Segment Open

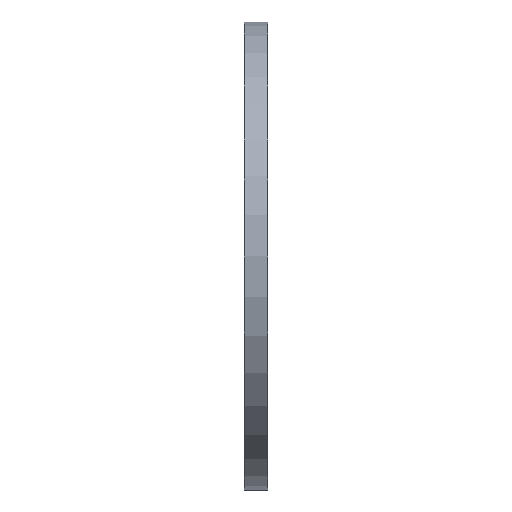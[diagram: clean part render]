
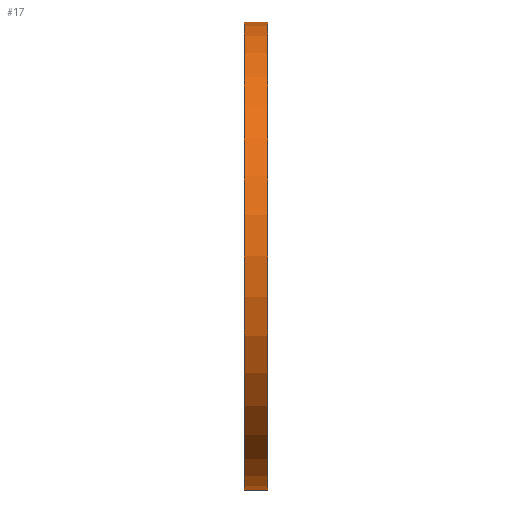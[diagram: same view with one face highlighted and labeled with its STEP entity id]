
A CAD part, front view. The second image highlights one B-rep face of the part: STEP entity #17.
In plain terms, the highlighted cylindrical face has radius 25 mm (diameter 50 mm), a full revolution.
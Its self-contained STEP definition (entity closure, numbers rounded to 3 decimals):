
#17 = ADVANCED_FACE('',(#18),#32,.T.);
#18 = FACE_BOUND('',#19,.F.);
#19 = EDGE_LOOP('',(#20,#50,#77,#78));
#20 = ORIENTED_EDGE('',*,*,#21,.T.);
#21 = EDGE_CURVE('',#22,#24,#26,.T.);
#22 = VERTEX_POINT('',#23);
#23 = CARTESIAN_POINT('',(55.4,25.,0.));
#24 = VERTEX_POINT('',#25);
#25 = CARTESIAN_POINT('',(57.9,25.,0.));
#26 = SEAM_CURVE('',#27,(#31,#43),.PCURVE_S1.);
#27 = LINE('',#28,#29);
#28 = CARTESIAN_POINT('',(55.4,25.,0.));
#29 = VECTOR('',#30,1.);
#30 = DIRECTION('',(1.,0.,0.));
#31 = PCURVE('',#32,#37);
#32 = CYLINDRICAL_SURFACE('',#33,25.);
#33 = AXIS2_PLACEMENT_3D('',#34,#35,#36);
#34 = CARTESIAN_POINT('',(55.4,0.,0.));
#35 = DIRECTION('',(-1.,-0.,-0.));
#36 = DIRECTION('',(0.,1.,0.));
#37 = DEFINITIONAL_REPRESENTATION('',(#38),#42);
#38 = LINE('',#39,#40);
#39 = CARTESIAN_POINT('',(-0.,0.));
#40 = VECTOR('',#41,1.);
#41 = DIRECTION('',(-0.,-1.));
#42 = ( GEOMETRIC_REPRESENTATION_CONTEXT(2) 
PARAMETRIC_REPRESENTATION_CONTEXT() REPRESENTATION_CONTEXT('2D SPACE',''
  ) );
#43 = PCURVE('',#32,#44);
#44 = DEFINITIONAL_REPRESENTATION('',(#45),#49);
#45 = LINE('',#46,#47);
#46 = CARTESIAN_POINT('',(-6.283,0.));
#47 = VECTOR('',#48,1.);
#48 = DIRECTION('',(-0.,-1.));
#49 = ( GEOMETRIC_REPRESENTATION_CONTEXT(2) 
PARAMETRIC_REPRESENTATION_CONTEXT() REPRESENTATION_CONTEXT('2D SPACE',''
  ) );
#50 = ORIENTED_EDGE('',*,*,#51,.T.);
#51 = EDGE_CURVE('',#24,#24,#52,.T.);
#52 = SURFACE_CURVE('',#53,(#58,#65),.PCURVE_S1.);
#53 = CIRCLE('',#54,25.);
#54 = AXIS2_PLACEMENT_3D('',#55,#56,#57);
#55 = CARTESIAN_POINT('',(57.9,0.,0.));
#56 = DIRECTION('',(1.,0.,0.));
#57 = DIRECTION('',(0.,1.,0.));
#58 = PCURVE('',#32,#59);
#59 = DEFINITIONAL_REPRESENTATION('',(#60),#64);
#60 = LINE('',#61,#62);
#61 = CARTESIAN_POINT('',(-0.,-2.5));
#62 = VECTOR('',#63,1.);
#63 = DIRECTION('',(-1.,0.));
#64 = ( GEOMETRIC_REPRESENTATION_CONTEXT(2) 
PARAMETRIC_REPRESENTATION_CONTEXT() REPRESENTATION_CONTEXT('2D SPACE',''
  ) );
#65 = PCURVE('',#66,#71);
#66 = PLANE('',#67);
#67 = AXIS2_PLACEMENT_3D('',#68,#69,#70);
#68 = CARTESIAN_POINT('',(57.9,0.,0.));
#69 = DIRECTION('',(1.,0.,0.));
#70 = DIRECTION('',(-0.,0.,1.));
#71 = DEFINITIONAL_REPRESENTATION('',(#72),#76);
#72 = CIRCLE('',#73,25.);
#73 = AXIS2_PLACEMENT_2D('',#74,#75);
#74 = CARTESIAN_POINT('',(0.,0.));
#75 = DIRECTION('',(0.,-1.));
#76 = ( GEOMETRIC_REPRESENTATION_CONTEXT(2) 
PARAMETRIC_REPRESENTATION_CONTEXT() REPRESENTATION_CONTEXT('2D SPACE',''
  ) );
#77 = ORIENTED_EDGE('',*,*,#21,.F.);
#78 = ORIENTED_EDGE('',*,*,#79,.F.);
#79 = EDGE_CURVE('',#22,#22,#80,.T.);
#80 = SURFACE_CURVE('',#81,(#86,#93),.PCURVE_S1.);
#81 = CIRCLE('',#82,25.);
#82 = AXIS2_PLACEMENT_3D('',#83,#84,#85);
#83 = CARTESIAN_POINT('',(55.4,0.,0.));
#84 = DIRECTION('',(1.,0.,0.));
#85 = DIRECTION('',(0.,1.,0.));
#86 = PCURVE('',#32,#87);
#87 = DEFINITIONAL_REPRESENTATION('',(#88),#92);
#88 = LINE('',#89,#90);
#89 = CARTESIAN_POINT('',(-0.,0.));
#90 = VECTOR('',#91,1.);
#91 = DIRECTION('',(-1.,0.));
#92 = ( GEOMETRIC_REPRESENTATION_CONTEXT(2) 
PARAMETRIC_REPRESENTATION_CONTEXT() REPRESENTATION_CONTEXT('2D SPACE',''
  ) );
#93 = PCURVE('',#94,#99);
#94 = PLANE('',#95);
#95 = AXIS2_PLACEMENT_3D('',#96,#97,#98);
#96 = CARTESIAN_POINT('',(55.4,0.,0.));
#97 = DIRECTION('',(1.,0.,0.));
#98 = DIRECTION('',(-0.,0.,1.));
#99 = DEFINITIONAL_REPRESENTATION('',(#100),#104);
#100 = CIRCLE('',#101,25.);
#101 = AXIS2_PLACEMENT_2D('',#102,#103);
#102 = CARTESIAN_POINT('',(0.,0.));
#103 = DIRECTION('',(0.,-1.));
#104 = ( GEOMETRIC_REPRESENTATION_CONTEXT(2) 
PARAMETRIC_REPRESENTATION_CONTEXT() REPRESENTATION_CONTEXT('2D SPACE',''
  ) );

Segment Closed

_Work required_:
In the listing above, find the line with "#19 = EDGE_LOOP('',(#20,#50,#77,#78));" and the line with "#61 = CARTESIAN_POINT('',(-0.,-2.5));". Output those two lines and every line between them, exactly as written.

_Written answer_:
#19 = EDGE_LOOP('',(#20,#50,#77,#78));
#20 = ORIENTED_EDGE('',*,*,#21,.T.);
#21 = EDGE_CURVE('',#22,#24,#26,.T.);
#22 = VERTEX_POINT('',#23);
#23 = CARTESIAN_POINT('',(55.4,25.,0.));
#24 = VERTEX_POINT('',#25);
#25 = CARTESIAN_POINT('',(57.9,25.,0.));
#26 = SEAM_CURVE('',#27,(#31,#43),.PCURVE_S1.);
#27 = LINE('',#28,#29);
#28 = CARTESIAN_POINT('',(55.4,25.,0.));
#29 = VECTOR('',#30,1.);
#30 = DIRECTION('',(1.,0.,0.));
#31 = PCURVE('',#32,#37);
#32 = CYLINDRICAL_SURFACE('',#33,25.);
#33 = AXIS2_PLACEMENT_3D('',#34,#35,#36);
#34 = CARTESIAN_POINT('',(55.4,0.,0.));
#35 = DIRECTION('',(-1.,-0.,-0.));
#36 = DIRECTION('',(0.,1.,0.));
#37 = DEFINITIONAL_REPRESENTATION('',(#38),#42);
#38 = LINE('',#39,#40);
#39 = CARTESIAN_POINT('',(-0.,0.));
#40 = VECTOR('',#41,1.);
#41 = DIRECTION('',(-0.,-1.));
#42 = ( GEOMETRIC_REPRESENTATION_CONTEXT(2) 
PARAMETRIC_REPRESENTATION_CONTEXT() REPRESENTATION_CONTEXT('2D SPACE',''
  ) );
#43 = PCURVE('',#32,#44);
#44 = DEFINITIONAL_REPRESENTATION('',(#45),#49);
#45 = LINE('',#46,#47);
#46 = CARTESIAN_POINT('',(-6.283,0.));
#47 = VECTOR('',#48,1.);
#48 = DIRECTION('',(-0.,-1.));
#49 = ( GEOMETRIC_REPRESENTATION_CONTEXT(2) 
PARAMETRIC_REPRESENTATION_CONTEXT() REPRESENTATION_CONTEXT('2D SPACE',''
  ) );
#50 = ORIENTED_EDGE('',*,*,#51,.T.);
#51 = EDGE_CURVE('',#24,#24,#52,.T.);
#52 = SURFACE_CURVE('',#53,(#58,#65),.PCURVE_S1.);
#53 = CIRCLE('',#54,25.);
#54 = AXIS2_PLACEMENT_3D('',#55,#56,#57);
#55 = CARTESIAN_POINT('',(57.9,0.,0.));
#56 = DIRECTION('',(1.,0.,0.));
#57 = DIRECTION('',(0.,1.,0.));
#58 = PCURVE('',#32,#59);
#59 = DEFINITIONAL_REPRESENTATION('',(#60),#64);
#60 = LINE('',#61,#62);
#61 = CARTESIAN_POINT('',(-0.,-2.5));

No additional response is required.